Major (and Minor) Achievements

Major achievements

— Finding Our Fathers (1977), the first English-language book on tracing Jewish ancestors, launched the modern Jewish genealogy movement.

— Helped foster the development of the “alternative media movement” through my involvement in Chicago Journalism Review, the Welcomat, Philadelphia Forum and the arts and culture website Broad Street Review.

— I was a pioneer in compiling “rich lists” within various communities, and my files provided the nucleus of the first “Forbes 400″ list of wealthiest Americans (1982).

— Similarly, I compiled the first lists of America’s most generous living philanthropists for Town & Country (1983-89) and American Benefactor (1997-98). These may have influenced the huge increases in philanthropy by living Americans since the mid-1980s.

— In the course of championing free speech, I defended seven libel suits, all successfully.

— Wrote the first guidebook for inheritors (The Inheritor’s Handbook, 1998).

— My co-authored book, Revolution On Wall Street (1993), was one of the first to advocate converting the New York Stock Exchange from a not-for-profit membership organization to a publicly-traded corporation, which came to pass in 2006.

Minor achievements

— Secured first imedia interview in years with reclusive Motorola chairman Robert Galvin (for Wall Street Journal, 1969).

— Came up with enduring nickname of “The Frog” for Eugene L. Roberts, legendary executive editor of Philadelphia Inquirer, 1972-1990, later managing editor of New York Times. (Philadelphia magazine, August 1973).

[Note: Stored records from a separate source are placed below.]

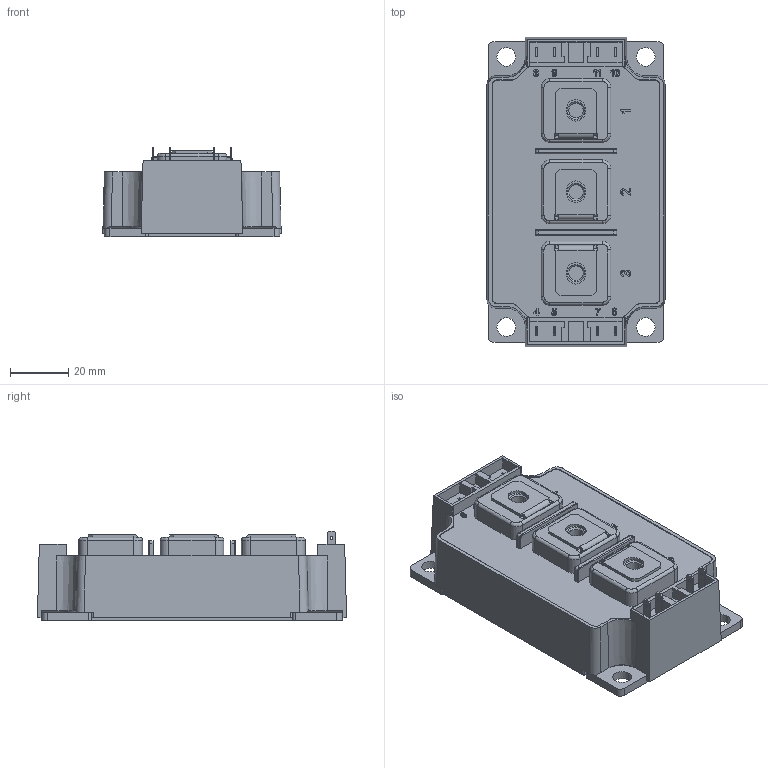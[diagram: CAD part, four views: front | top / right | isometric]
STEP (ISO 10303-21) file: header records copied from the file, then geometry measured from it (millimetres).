
FILE_DESCRIPTION (( 'STEP AP214' ), '1' );
FILE_NAME ('62mm-module CAS300M12BM2 Part Outine.STEP', '2019-06-04T15:33:47', ( '' ), ( '' ), 'SwSTEP 2.0', 'SolidWorks 2018', '' );
FILE_SCHEMA (( 'AUTOMOTIVE_DESIGN' ));
Length unit declared in the file: millimetre
Products named in the file (14): 62mm-module CAS300M12BM2 Part Outine_1_10; 62mm-module CAS300M12BM2 Part Outine_1_16; 62mm-module CAS300M12BM2 Part Outine_1_4; 62mm-module CAS300M12BM2 Part Outine_1_17; 62mm-module CAS300M12BM2 Part Outine_1_19; 62mm-module CAS300M12BM2 Part Outine_1_13; 62mm-module CAS300M12BM2 Part Outine; 62mm-module CAS300M12BM2 Part Outine_1_9; 62mm-module CAS300M12BM2 Part Outine_1_6; 62mm-module CAS300M12BM2 Part Outine_1_12; 62mm-module CAS300M12BM2 Part Outine_1_3; 62mm-module CAS300M12BM2 Part Outine_1_2; 62mm-module CAS300M12BM2 Part Outine_1_18; 62mm-module CAS300M12BM2 Part Outine_1_7
Assembly tree (13 placements, depth 2):
  62mm-module CAS300M12BM2 Part Outine
    62mm-module CAS300M12BM2 Part Outine_1_6
    62mm-module CAS300M12BM2 Part Outine_1_17
    62mm-module CAS300M12BM2 Part Outine_1_7
    62mm-module CAS300M12BM2 Part Outine_1_4
    62mm-module CAS300M12BM2 Part Outine_1_18
    62mm-module CAS300M12BM2 Part Outine_1_3
    62mm-module CAS300M12BM2 Part Outine_1_16
    62mm-module CAS300M12BM2 Part Outine_1_12
    62mm-module CAS300M12BM2 Part Outine_1_2
    62mm-module CAS300M12BM2 Part Outine_1_9
    62mm-module CAS300M12BM2 Part Outine_1_13
    62mm-module CAS300M12BM2 Part Outine_1_10
    62mm-module CAS300M12BM2 Part Outine_1_19
Bounding box: 61.4 x 106.4 x 30.8 mm (x, y, z)
Volume: 59838.3 mm3; surface area: 55324.7 mm2
Topology: 13 solids, 13 shells, 1482 faces, 3936 edges, 2533 vertices
Faces by surface type: plane 905, cylinder 386, bspline 118, sphere 43, cone 30
Entity records: 69522 total; most frequent: CARTESIAN_POINT 16340, ORIENTED_EDGE 7862, DIRECTION 7006, EDGE_CURVE 3931, LINE 2846, VECTOR 2846, VERTEX_POINT 2531, AXIS2_PLACEMENT_3D 2080
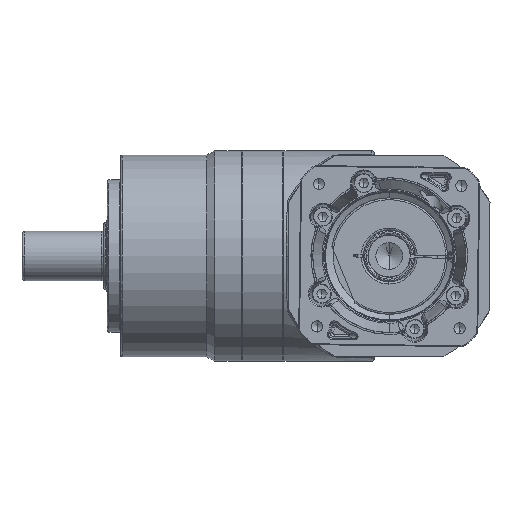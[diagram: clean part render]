
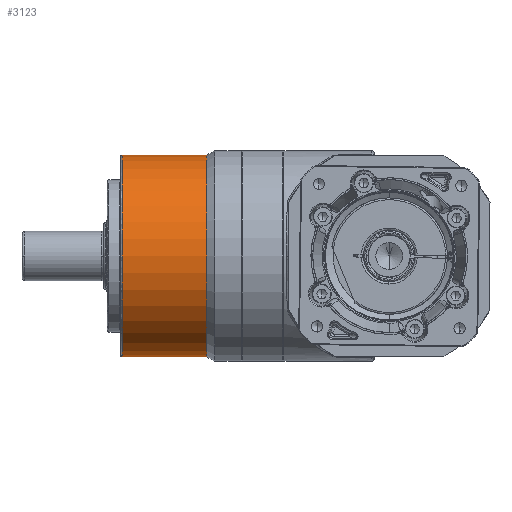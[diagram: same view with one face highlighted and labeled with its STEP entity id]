
A CAD part, front view. The second image highlights one B-rep face of the part: STEP entity #3123.
In plain terms, the highlighted cylindrical face has radius 45 mm (diameter 90 mm), a partial arc.
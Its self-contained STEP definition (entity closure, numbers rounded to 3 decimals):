
#1492 = EDGE_CURVE ( 'NONE', #13108, #37167, #39229, .T. ) ;
#1972 = ORIENTED_EDGE ( 'NONE', *, *, #14617, .F. ) ;
#2891 = CARTESIAN_POINT ( 'NONE',  ( -53.2, -39.253, 72.99 ) ) ;
#3123 = ADVANCED_FACE ( 'NONE', ( #7189 ), #28986, .T. ) ;
#3583 = DIRECTION ( 'NONE',  ( 0., 0., -1. ) ) ;
#5233 = VERTEX_POINT ( 'NONE', #14173 ) ;
#7189 = FACE_OUTER_BOUND ( 'NONE', #26511, .T. ) ;
#8623 = EDGE_CURVE ( 'NONE', #13108, #5233, #51170, .T. ) ;
#9412 = ORIENTED_EDGE ( 'NONE', *, *, #8623, .F. ) ;
#12820 = DIRECTION ( 'NONE',  ( -1., 0., 0. ) ) ;
#13014 = VERTEX_POINT ( 'NONE', #2891 ) ;
#13108 = VERTEX_POINT ( 'NONE', #35720 ) ;
#14173 = CARTESIAN_POINT ( 'NONE',  ( -15.5, -39.253, 72.99 ) ) ;
#14617 = EDGE_CURVE ( 'NONE', #5233, #13014, #55386, .T. ) ;
#14919 = DIRECTION ( 'NONE',  ( 0., 0., 1. ) ) ;
#24078 = DIRECTION ( 'NONE',  ( -1., 0., 0. ) ) ;
#24097 = DIRECTION ( 'NONE',  ( -1., 0., 0. ) ) ;
#24601 = CARTESIAN_POINT ( 'NONE',  ( -15.5, -39.253, 117.99 ) ) ;
#26511 = EDGE_LOOP ( 'NONE', ( #1972, #9412, #27827, #56431 ) ) ;
#27827 = ORIENTED_EDGE ( 'NONE', *, *, #1492, .T. ) ;
#28857 = DIRECTION ( 'NONE',  ( -1., 0., 0. ) ) ;
#28986 = CYLINDRICAL_SURFACE ( 'NONE', #44333, 45. ) ;
#29247 = CARTESIAN_POINT ( 'NONE',  ( -53.2, -39.253, 162.99 ) ) ;
#31481 = EDGE_CURVE ( 'NONE', #13014, #37167, #43796, .T. ) ;
#34025 = CARTESIAN_POINT ( 'NONE',  ( -53.2, -39.253, 117.99 ) ) ;
#35720 = CARTESIAN_POINT ( 'NONE',  ( -15.5, -39.253, 162.99 ) ) ;
#37167 = VERTEX_POINT ( 'NONE', #29247 ) ;
#37883 = CARTESIAN_POINT ( 'NONE',  ( -15.5, -39.253, 72.99 ) ) ;
#38345 = AXIS2_PLACEMENT_3D ( 'NONE', #24601, #42125, #46714 ) ;
#38886 = VECTOR ( 'NONE', #12820, 1000. ) ;
#39229 = LINE ( 'NONE', #53275, #38886 ) ;
#42125 = DIRECTION ( 'NONE',  ( 1., 0., 0. ) ) ;
#43796 = CIRCLE ( 'NONE', #51151, 45. ) ;
#44333 = AXIS2_PLACEMENT_3D ( 'NONE', #46500, #24097, #14919 ) ;
#44423 = VECTOR ( 'NONE', #24078, 1000. ) ;
#46500 = CARTESIAN_POINT ( 'NONE',  ( -15.5, -39.253, 117.99 ) ) ;
#46714 = DIRECTION ( 'NONE',  ( 0., 0., 1. ) ) ;
#51151 = AXIS2_PLACEMENT_3D ( 'NONE', #34025, #28857, #3583 ) ;
#51170 = CIRCLE ( 'NONE', #38345, 45. ) ;
#53275 = CARTESIAN_POINT ( 'NONE',  ( -15.5, -39.253, 162.99 ) ) ;
#55386 = LINE ( 'NONE', #37883, #44423 ) ;
#56431 = ORIENTED_EDGE ( 'NONE', *, *, #31481, .F. ) ;

— First published use of the term “Yuppie” as abbreviation for “young urban professional” (Chicago Magazine, May 1980; for details, click here).

— First editor in the U.S. to publish a regular column by an openly gay columnist in a non-gay publication. (“Different Strokes,” by Thom Nickels, which first appeared in the Welcomat, Philadelphia, 1984.)

— First to propose that the Free Library of Philadelphia develop a private fund-raising capability (column in Philadelphia Inquirer, March 1, 1982).

— First journalist to write in print about the nasty real-life persona lurking behind Bill Cosby’s avuncular public image, long before Cosby’s habitual sexual predations were exposed. (Welcomat, Philadelphia, December 9, 1992.)

— First to identify Center City Philadelphia neighborhood of 17th-18th-Walnut-Sansom as “The French Quarter,” later officially designated as such on street signs (Philadelphia Magazine, July 1998).

— A quarter-century before Donald Trump got into politics, I presciently (albeit facetiously) proposed that he be executed as a public nuisance (Welcomat, Philadelphia, July 17, 1991).